By leveraging Ignition Edge, White says the functionality for the client was “night and day in comparison.”
“They had complete and reliable control with real-time, live data and better diagnostics on communications stats,” White says. “Just to have that at their fingertips was really helpful, especially when diagnosing an old system when having communication issues.”
Using Ignition Edge, he says, laid the groundwork for future expansion.
“Once I was done configuring one station, most of the backbone was completed with the edge so I was able to mimic that into each site,” White says. “It really made everything flow very simply, and it was simple to do.”
Ignition Edge also makes managing many devices easier since it does not require users to go to each device one-to-one. “That’s not feasible as you expand to hundreds of devices,” Boudreaux says. “With Ignition Edge and EAM, we can manage those in batches. We can manage EAM tasks to update the configuration for all edge devices periodically and schedule it if we want.”
“You can bring data buffering into the cloud, adding tags in, just as easy as a full-blown system,” says McKenzie Santin, associate director of energy at NLS Engineering. “You can use it as a data collection node that brings it back to the centralized system, historized and stored long-term.”

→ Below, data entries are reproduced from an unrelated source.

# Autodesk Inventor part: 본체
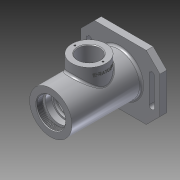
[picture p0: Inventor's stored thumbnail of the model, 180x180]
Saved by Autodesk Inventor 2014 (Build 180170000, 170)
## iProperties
Created: 2017-10
Part Number: 본체
Material: 알루미늄 6061
Document SubType Name: Modeling
Designer: net
Mass: 738.275 g
Surface Area: 652.722 cm^2
Volume: 272.426 cm^3
Density: 2.71 g/cm^3
Appearance: 알루미늄 - 평지
Author: net
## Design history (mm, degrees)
sketch "스케치1"
  geometry: L1 (0, 0)-(-115, 0); L2 (-115, 0)-(-115, 31); L3 (-115, 31)-(-13, 31); L4 (-13, 31)-(-13, 31); L5 (-13, 31)-(-3, 31); L6 (-3, 31)-(-3, 35); L7 (-3, 35)-(0, 35); L8 (0, 35)-(0, 0); L9 (-115, 21)-(-106, 21); L10 (-106, 21)-(-106, 24); L11 (-106, 24)-(-103, 24); L12 (-103, 24)-(-103, 20); L13 (-103, 20)-(-94, 20); L14 (-94, 20)-(-94, 17.5); L15 (-94, 17.5)-(-90.75, 17.5); L16 (-90.75, 17.5)-(-90.75, 18.5); L17 (-90.75, 18.5)-(-89, 18.5); L18 (-89, 18.5)-(-89, 17.5); L19 (-89, 17.5)-(-78, 17.5); L20 (-78, 17.5)-(-78, 26); L21 (-78, 26)-(-40, 26); L22 (-40, 26)-(-40, 17.5); L23 (-40, 17.5)-(-29, 17.5); L24 (0, 22)-(-14, 16); L25 (-29, 17.5)-(-29, 16.5); L26 (-29, 16.5)-(-24, 16.5); L27 (-24, 16.5)-(-24, 10); L28 (-24, 10)-(-21.3, 10); L29 (-21.3, 10)-(-21.3, 12.5); L30 (-21.3, 12.5)-(-14.7, 12.5); L31 (-14.7, 12.5)-(-14, 12.904); L32 (-14, 12.904)-(-14, 16); 1 further point
  constraints: 64 end point, 16 perpendicular, 10 parallel, 3 horizontal, 2 point on line, 1 coincident, 1 vertical
  dimensions: "d0" = 115 distance of L1.start L1.end; "d1" = 3 distance of L6.end L7.end; "d2" = 13 distance between parallel lines of L4 L8; "d3" = 70 diameter of L7 L1; "d4" = 62 diameter of L3 L1; "d5" = 62 diameter of L5 L1; "d6" = 42 diameter of L9 L1; "d7" = 48 diameter of L11 L1; "d8" = 40 diameter of L13 L1; "d9" = 35 diameter of L15 L1; "d10" = 3 distance of L10.end L11.end; "d11" = 12 distance between parallel lines of L2 L12; "d12" = 21 distance between parallel lines of L2 L14; "d14" = 1.75 distance of L16.end L17.end; "d15" = 37 diameter of L17 L1; "d16" = 26 distance between parallel lines of L2 L18; "d17" = 11 distance of L18.end L19.end; "d18" = 35 diameter of L19 L1; "d19" = 38 distance of L20.end L21.end; "d20" = 52 diameter of L21 L1; "d21" = 11 distance of L22.end L23.end; "d22" = 35 diameter of L23 L1; "d23" = 44 diameter of L24.start L1; "d24" = 32 diameter of L24.end L1; "d25" = 14 horizontal distance of L24.start L24.end; "d26" = 5 distance of L25.end L26.end; "d27" = 33 diameter of L26 L1; "d28" = 2.7 distance of L27.end L28.end; "d29" = 20 diameter of L28 L1; "d30" = 0.7 horizontal distance of L31.end L30.end; "d31" = 30 deg angle of L30 L31; "d32" = 25 diameter of L30 L1
revolve "회전1" sketch "스케치1" stored, may be unused: angle "d33" = 90 deg
fillet "모깎기1" dims "d34" = 0.3
fillet "모깎기2" dims "d35" = 0.3
fillet "모깎기3" dims "d36" = 3
fillet "모깎기4" dims "d37" = 3
feature "스레드1" dims "d38" = 10, "d39" = 0
node "작업 평면1"
sketch "스케치3"
  geometry: L1 (-115, -31)-(-115, 31) reference; C1 r 25 at (-59, 0); 1 further point
  constraints: 1 centre point, 1 horizontal alignment
  dimensions: "d41" = 50 diameter of C1; "d42" = 56 distance from line of C1.centre L1
extrude "돌출1" join sketch "스케치3" stored distance "d43" = 10; taper "d44" = 0 deg
sketch "스케치4"
  geometry: C1 r 25 at (0, 0) reference; C2 r 16 at (0, 0); 1 further point
  constraints: 1 centre point, 1 coincident
  dimensions: "d45" = 32 diameter of C2
extrude "돌출2" cut sketch "스케치4" stored distance "d46" = 10; taper "d47" = 0 deg
sketch "스케치5" dims "d48" = 41
  geometry: C1 r 25 at (0, 0) reference; 3 further points
  constraints: 2 vertical alignment, 1 coincident, 2 other
hole "구멍1" sketch "스케치5" at (0, 20.5) diameter "d49" = 2.459; stored, may be unused: countersink angle "d53" = 90 deg, drill point angle "d55" = 118 deg; dims "d50" = 6, "d51" = 4, "d52" = 2, "d54" = 8
node "작업 평면2"
sketch "스케치6"
  geometry: L1 (47, -58)-(-47, -58); L2 (-47, -58)-(-47, 58); L3 (-47, 58)-(47, 58); L4 (47, 58)-(47, -58); L5 (47, -58)-(-47, 58); L6 (-47, -58)-(47, 58); C1 r 31 at (0, 0) reference; C2 r 16.429 at (0, 0) reference; 1 further point
  constraints: 12 end point, 2 midpoint, 2 parallel, 1 horizontal, 1 perpendicular
  dimensions: "d60" = 94 distance of L2.end L3.end; "d61" = 116 distance of L1.end L2.end
extrude "돌출3" join sketch "스케치6" distance "d62" = 10; taper "d63" = 0 deg
sketch "스케치7"
  geometry: L1 (-47, -58)-(47, -58) reference; L2 (47, -58)-(47, 58) reference; L3 (-47, 58)-(-47, -58) reference; L4 (-20, 46)-(20, 46); L5 (-20, 42)-(20, 42); L6 (20, 50)-(-20, 50); L7 (-47, 0)-(47, 0); L8 (-20, -42)-(20, -42); L9 (20, -50)-(-20, -50); C1 r 35 at (0, 0) reference; A1 r 4 centre (-20, 46) between (-20, 50) and (-20, 42); A2 r 4 centre (20, 46) between (20, 42) and (20, 50); A3 r 4 centre (-20, -46) between (-20, -42) and (-20, -50); A4 r 4 centre (20, -46) between (20, -50) and (20, -42); 1 further point
  constraints: 14 end point, 8 point on circle, 6 symmetric about line, 4 centre point, 4 tangent, 3 midpoint, 2 parallel, 1 vertical alignment, 2 other
  dimensions: "d64" = 40 distance of L4.start L4.end; "d65" = 46 distance from line of C1.centre L4; "d66" = 4 radius of A1
extrude "돌출4" cut sketch "스케치7" stored distance "d67" = 10; taper "d68" = 0 deg
chamfer "모따기1" distance "d69" = 20; stored, may be unused: second distance "d70" = 2, angle "d71" = 45 deg
fillet "모깎기5" dims "d72" = 3
chamfer "모따기2" distance "d73" = 1; stored, may be unused: second distance "d74" = 2, angle "d75" = 45 deg
chamfer "모따기3" distance "d76" = 1; stored, may be unused: second distance "d77" = 2, angle "d78" = 45 deg
node "작업 평면3"
sketch "스케치9"
  geometry: L1 (-115, -31)-(-115, 31) reference; L2 (-84, 47)-(-34, 47) reference; 2 further points
  constraints: 1 other
  dimensions: "d80" = 56 distance from line of L1 point (-59, 37); "d81" = 10 distance from line of point (-59, 37) L2
feature "엠보싱1" sketch "스케치9" dims "d16" = 26, "d82" = 0.5, "d83" = 0
node "솔리드1"
pattern_circular "원형 패턴1" dims angle "d57" = 360 deg
node "절단 모서리 투영1"
other parameters: "d40" = 47, "d59" = -13, "d79" = -25
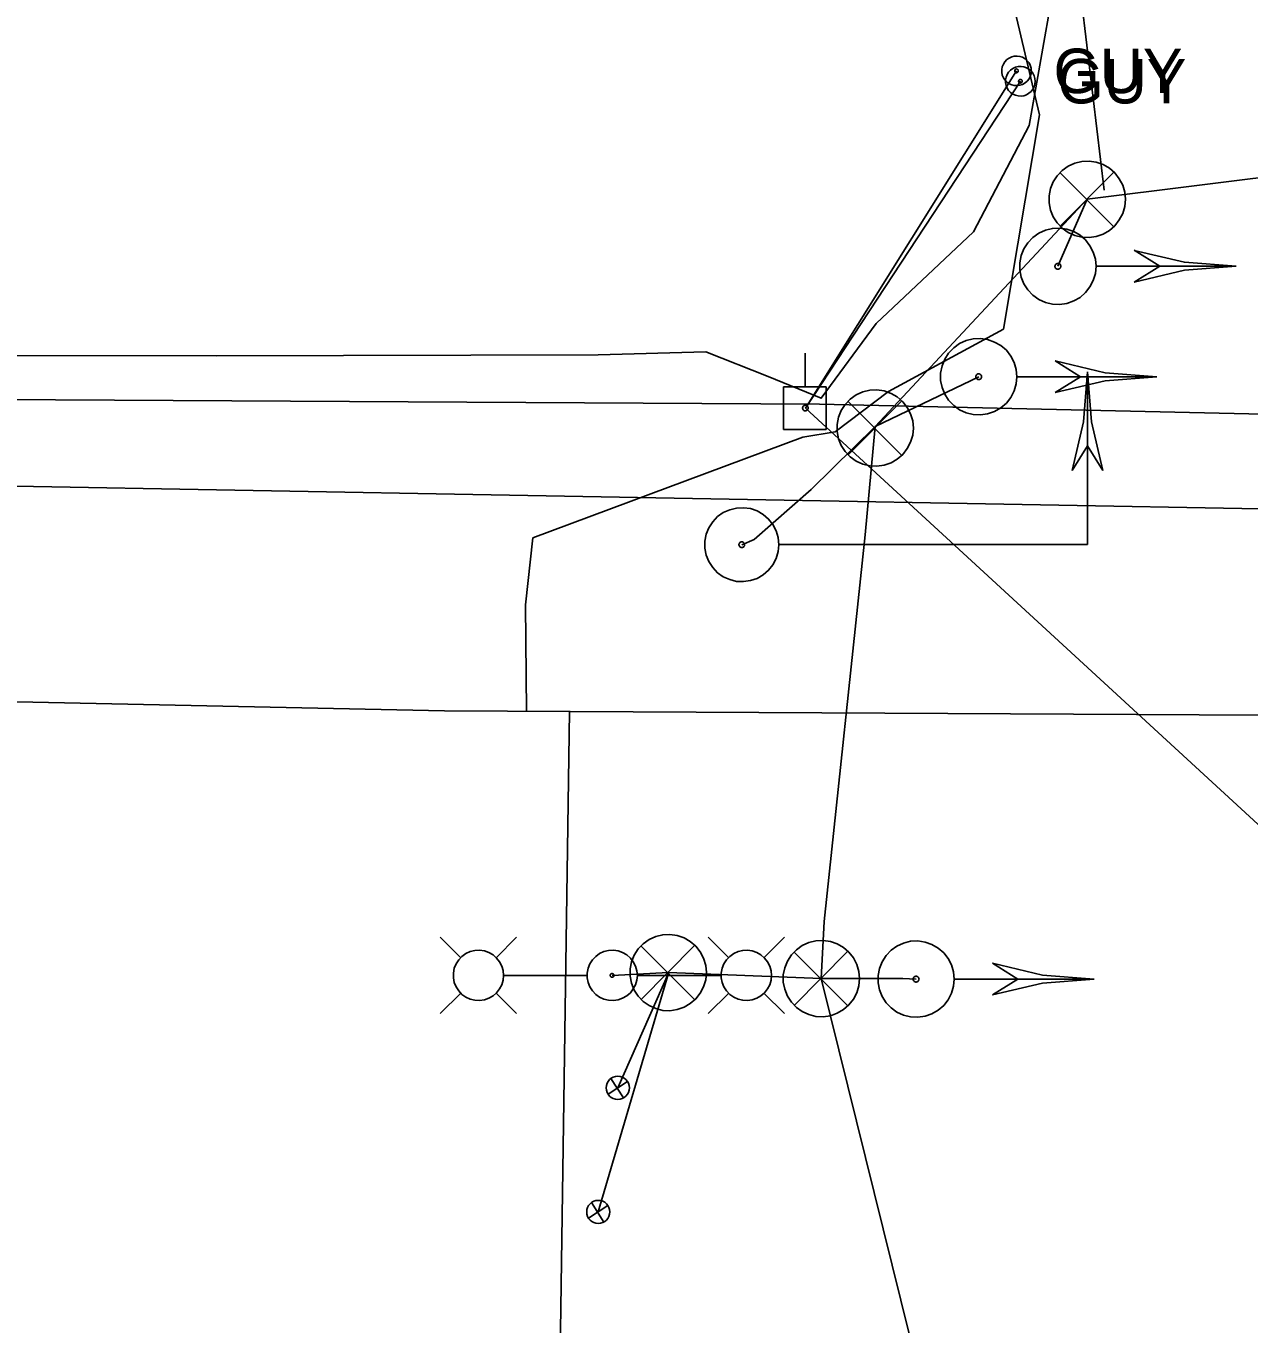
# Model space of a CAD drawing. Extents: x 596028 to 606371, y 330010 to 403088.
# Drawn here: x 604901.1 to 605006.9, y 349899.9 to 350012.1 of the extents above; entities that cross this region are included whole.
import ezdxf

# ---------------------------------------------------------------- set-up
doc = ezdxf.new("R2010")
doc.units = 0
for name, color, linetype in [('E_LTG', 7, 'Continuous'), ('E_LTG_CID', 7, 'Continuous'), ('E_SIG', 7, 'Continuous'), ('E_SIG_Conduit', 7, 'Continuous'), ('E_UTL_EGuyWire', 7, 'Continuous'), ('E_UTL_EPowerPole', 7, 'Continuous'), ('E_UTL_G_UG', 7, 'Continuous'), ('E_UTL_Loop_UG', 7, 'Continuous'), ('E_UTL_Overhead', 7, 'Continuous'), ('E_UTL_SAN_UG', 7, 'Continuous'), ('E_UTL_TV_UG', 7, 'Continuous')]:
    doc.layers.add(name, color=color, linetype=linetype)

# ---------------------------------------------------------------- blocks, each defined once
blk = doc.blocks.new('_U360')
at = {"layer": 'E_SIG'}
for p, q in [((-6.09, 0.4), (6.1, 0.4)), ((0, 6.1), (0, -6.1))]:
    blk.add_line(p, q, dxfattribs=at)
blk.add_circle((0, 0.01), 6.1, dxfattribs=at)
blk = doc.blocks.new('_U361')
at = {"layer": 'E_SIG'}
for p, q in [((-6.09, 0.4), (6.1, 0.4)), ((0, 6.1), (0, -6.1))]:
    blk.add_line(p, q, dxfattribs=at)
blk.add_circle((0, 0.01), 6.1, dxfattribs=at)

msp = doc.modelspace()

# ---------------------------------------------------------------- linework, layer by layer
at = {"layer": 'E_LTG'}
for points in [[(604938.74, 349931.53), (604936.97, 349933.3)], [(604941.79, 349931.53), (604943.57, 349933.3)], [(604961.92, 349931.53), (604960.14, 349933.3)], [(604964.96, 349931.53), (604966.74, 349933.3)], [(604942.44, 349930), (604942.4, 349930.42), (604942.29, 349930.81), (604942.1, 349931.18), (604941.84, 349931.5), (604941.53, 349931.78), (604941.17, 349931.98), (604940.78, 349932.12), (604940.37, 349932.18), (604939.96, 349932.16), (604939.56, 349932.06), (604939.18, 349931.89), (604938.84, 349931.65), (604938.56, 349931.35), (604938.33, 349931), (604938.18, 349930.62), (604938.1, 349930.21), (604938.1, 349929.8), (604938.18, 349929.39), (604938.33, 349929.01), (604938.56, 349928.66), (604938.84, 349928.36), (604939.18, 349928.12), (604939.56, 349927.95), (604939.96, 349927.85), (604940.37, 349927.83), (604940.78, 349927.89), (604941.17, 349928.02), (604941.53, 349928.23), (604941.84, 349928.5), (604942.1, 349928.83), (604942.29, 349929.19), (604942.4, 349929.59), (604942.44, 349930)], [(604954.01, 349930), (604953.97, 349930.41), (604953.85, 349930.81), (604953.66, 349931.18), (604953.41, 349931.5), (604953.1, 349931.78), (604952.74, 349931.98), (604952.35, 349932.12), (604951.94, 349932.18), (604951.52, 349932.16), (604951.12, 349932.06), (604950.75, 349931.89), (604950.41, 349931.65), (604950.12, 349931.35), (604949.9, 349931), (604949.75, 349930.62), (604949.67, 349930.21), (604949.67, 349929.8), (604949.75, 349929.39), (604949.9, 349929.01), (604950.12, 349928.66), (604950.41, 349928.36), (604950.75, 349928.12), (604951.12, 349927.95), (604951.52, 349927.85), (604951.94, 349927.83), (604952.35, 349927.89), (604952.74, 349928.02), (604953.1, 349928.23), (604953.41, 349928.5), (604953.66, 349928.83), (604953.85, 349929.19), (604953.97, 349929.59), (604954.01, 349930)], [(604965.61, 349930), (604965.57, 349930.41), (604965.46, 349930.81), (604965.27, 349931.18), (604965.01, 349931.5), (604964.7, 349931.78), (604964.34, 349931.98), (604963.95, 349932.12), (604963.54, 349932.18), (604963.13, 349932.16), (604962.73, 349932.06), (604962.35, 349931.89), (604962.01, 349931.65), (604961.73, 349931.35), (604961.5, 349931), (604961.35, 349930.62), (604961.27, 349930.21), (604961.27, 349929.8), (604961.35, 349929.39), (604961.5, 349929.01), (604961.73, 349928.66), (604962.01, 349928.36), (604962.35, 349928.12), (604962.73, 349927.95), (604963.13, 349927.85), (604963.54, 349927.83), (604963.95, 349927.89), (604964.34, 349928.02), (604964.7, 349928.23), (604965.01, 349928.5), (604965.27, 349928.83), (604965.46, 349929.19), (604965.57, 349929.59), (604965.61, 349930)], [(604942.48, 349930), (604949.66, 349930)], [(604952, 349930), (604952, 349930.03), (604951.99, 349930.06), (604951.97, 349930.09), (604951.95, 349930.12), (604951.93, 349930.14), (604951.9, 349930.15), (604951.87, 349930.16), (604951.84, 349930.17), (604951.81, 349930.17), (604951.78, 349930.16), (604951.75, 349930.15), (604951.73, 349930.13), (604951.7, 349930.11), (604951.69, 349930.08), (604951.67, 349930.05), (604951.67, 349930.02), (604951.67, 349929.99), (604951.67, 349929.96), (604951.69, 349929.93), (604951.7, 349929.9), (604951.73, 349929.88), (604951.75, 349929.86), (604951.78, 349929.85), (604951.81, 349929.84), (604951.84, 349929.84), (604951.87, 349929.84), (604951.9, 349929.85), (604951.93, 349929.87), (604951.95, 349929.89), (604951.97, 349929.91), (604951.99, 349929.94), (604952, 349929.97), (604952, 349930)], [(604961.22, 349930), (604954.05, 349930)], [(604938.74, 349928.48), (604936.97, 349926.7)], [(604941.79, 349928.48), (604943.57, 349926.7)], [(604961.92, 349928.48), (604960.14, 349926.7)], [(604964.96, 349928.48), (604966.74, 349926.7)]]:
    msp.add_lwpolyline(points, dxfattribs=at)
at = {"layer": 'E_LTG_CID'}
msp.add_lwpolyline([(604956.7, 349930.25), (604951.83, 349930)], dxfattribs=at)
at = {"layer": 'E_SIG'}
for points in [[(604996.22, 349997.12), (604996.16, 349997.74), (604995.98, 349998.35), (604995.69, 349998.9), (604995.31, 349999.4), (604994.83, 349999.81), (604994.29, 350000.12), (604993.7, 350000.33), (604993.08, 350000.42), (604992.45, 350000.39), (604991.84, 350000.24), (604991.27, 349999.98), (604990.76, 349999.61), (604990.32, 349999.16), (604989.98, 349998.63), (604989.75, 349998.05), (604989.63, 349997.43), (604989.63, 349996.81), (604989.75, 349996.19), (604989.98, 349995.61), (604990.32, 349995.08), (604990.76, 349994.63), (604991.27, 349994.26), (604991.84, 349994), (604992.45, 349993.85), (604993.08, 349993.82), (604993.7, 349993.91), (604994.29, 349994.12), (604994.83, 349994.43), (604995.31, 349994.84), (604995.69, 349995.34), (604995.98, 349995.89), (604996.16, 349996.5), (604996.22, 349997.12)], [(604995.18, 349999.45), (604990.57, 349994.8)], [(604990.57, 349999.41), (604995.22, 349994.75)], [(604993.68, 349991.33), (604993.62, 349991.95), (604993.44, 349992.56), (604993.15, 349993.11), (604992.76, 349993.61), (604992.29, 349994.02), (604991.75, 349994.33), (604991.15, 349994.54), (604990.53, 349994.63), (604989.91, 349994.6), (604989.3, 349994.45), (604988.73, 349994.19), (604988.21, 349993.82), (604987.78, 349993.37), (604987.44, 349992.84), (604987.21, 349992.26), (604987.09, 349991.64), (604987.09, 349991.02), (604987.21, 349990.4), (604987.44, 349989.82), (604987.78, 349989.29), (604988.21, 349988.84), (604988.73, 349988.47), (604989.3, 349988.21), (604989.91, 349988.06), (604990.53, 349988.03), (604991.15, 349988.12), (604991.75, 349988.33), (604992.29, 349988.64), (604992.76, 349989.05), (604993.15, 349989.55), (604993.44, 349990.1), (604993.62, 349990.7), (604993.68, 349991.33)], [(604999.18, 349991.33), (604996.98, 349992.71)], [(605005.78, 349991.33), (605001.32, 349991.68), (604996.98, 349992.7)], [(604990.63, 349991.33), (604990.62, 349991.38), (604990.61, 349991.42), (604990.59, 349991.47), (604990.56, 349991.5), (604990.52, 349991.54), (604990.48, 349991.56), (604990.44, 349991.57), (604990.39, 349991.58), (604990.34, 349991.58), (604990.29, 349991.57), (604990.25, 349991.55), (604990.21, 349991.52), (604990.18, 349991.49), (604990.15, 349991.45), (604990.13, 349991.4), (604990.12, 349991.35), (604990.12, 349991.31), (604990.13, 349991.26), (604990.15, 349991.21), (604990.18, 349991.17), (604990.21, 349991.14), (604990.25, 349991.11), (604990.29, 349991.09), (604990.34, 349991.08), (604990.39, 349991.08), (604990.44, 349991.08), (604990.48, 349991.1), (604990.52, 349991.12), (604990.56, 349991.16), (604990.59, 349991.19), (604990.61, 349991.24), (604990.62, 349991.28), (604990.63, 349991.33)], [(605005.78, 349991.33), (604993.73, 349991.33)], [(605005.78, 349991.33), (605001.32, 349990.98), (604996.98, 349989.95)], [(604996.98, 349989.96), (604999.18, 349991.33)], [(604986.83, 349981.78), (604986.77, 349982.4), (604986.59, 349983.01), (604986.3, 349983.56), (604985.92, 349984.06), (604985.44, 349984.47), (604984.9, 349984.78), (604984.3, 349984.99), (604983.68, 349985.07), (604983.06, 349985.04), (604982.45, 349984.9), (604981.88, 349984.64), (604981.37, 349984.27), (604980.93, 349983.82), (604980.59, 349983.29), (604980.36, 349982.71), (604980.24, 349982.09), (604980.24, 349981.46), (604980.36, 349980.85), (604980.59, 349980.27), (604980.93, 349979.74), (604981.37, 349979.28), (604981.88, 349978.92), (604982.45, 349978.66), (604983.06, 349978.51), (604983.68, 349978.48), (604984.3, 349978.57), (604984.9, 349978.78), (604985.44, 349979.09), (604985.92, 349979.5), (604986.3, 349979.99), (604986.59, 349980.55), (604986.77, 349981.15), (604986.83, 349981.78)], [(604998.93, 349981.78), (604994.47, 349982.12), (604990.13, 349983.15)], [(604992.33, 349981.78), (604990.13, 349983.15)], [(604983.78, 349981.78), (604983.77, 349981.83), (604983.76, 349981.87), (604983.74, 349981.91), (604983.71, 349981.95), (604983.67, 349981.98), (604983.63, 349982.01), (604983.59, 349982.02), (604983.54, 349982.03), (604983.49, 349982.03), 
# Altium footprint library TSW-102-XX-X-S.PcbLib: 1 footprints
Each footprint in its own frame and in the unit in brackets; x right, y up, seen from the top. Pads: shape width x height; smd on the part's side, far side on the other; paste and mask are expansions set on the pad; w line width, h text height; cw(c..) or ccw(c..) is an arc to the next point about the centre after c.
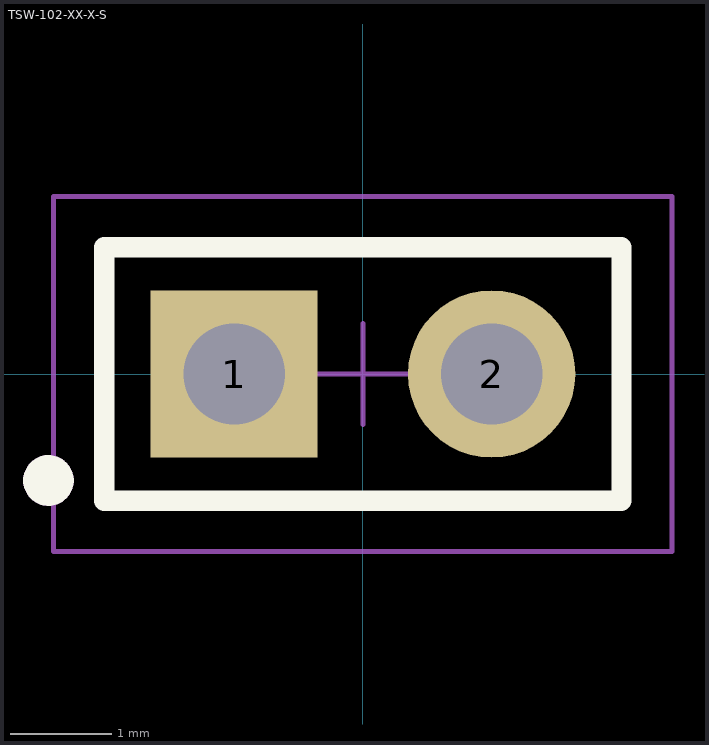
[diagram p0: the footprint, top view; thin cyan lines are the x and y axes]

## TSW-102-XX-X-S [mm] "2.54mm pitch, 2 pin, terminal strip"
height 2.54
pads (2):
  rect 1.65x1.65 hole 1 mask+0: 1(-1.27,0)
  round 1.65 hole 1 mask+0: 2(1.27,0)
Top Overlay:
  circle w0.25: c-3.1,-1.05 r0.125
  lines w0.2: -2.55,-1.25 -2.55,1.25 2.55,1.25 2.55,-1.25 -2.55,-1.25
Mechanical 12:
  lines w0.001: -2.55,-1.25 -2.55,1.25 2.55,1.25 2.55,-1.25 -2.55,-1.25
Mechanical 13:
  circle w0.25: c-3.1,-1.05 r0.125
  lines w0.1: -2.55,-1.25 -2.55,1.25 2.55,1.25 2.55,-1.25 -2.55,-1.25
  text ".Designator" at 0,0 h1.52
Mechanical 15:
  lines w0.05: -0.5,0 0.5,0 ; 0,-0.5 0,0.5 ; -3.05,-1.75 -3.05,1.75 3.05,1.75 3.05,-1.75 -3.05,-1.75

For one project, Boudreaux and his team retrofitted the existing hardware at more than 65 saltwater disposal facilities using Ignition Edge with Allen Bradley, Modbus and MQTT Transmission modules for data collection along with local HMI visualizations. The system collects more than 2,000 tags at one-second intervals per facility.
Utilizing both Ignition Edge and Ignition Perspective has streamlined data in the mobile HMI, Boudreaux says. Operators can pull up individual sites in high resolution on their phones or tablets, which has improved operations and access to data and reduced the travel time of traveling out to those sites.
“By going with Ignition and going with architecture from the edge all the way through the enterprise and with the use of mobile, we were able to take the client from a very dated system to a state-of-the-art, completely digitally transformed SCADA and mobile user interface,” says John Miller, president of TIGA. “Digital transformation, and you hear about it all the time, is the capability to deploy our team in the field to put hands on these custom industrial PLC’s, to really transform them into edge devices with Ignition Edge that seamlessly communicate to the entire architecture.”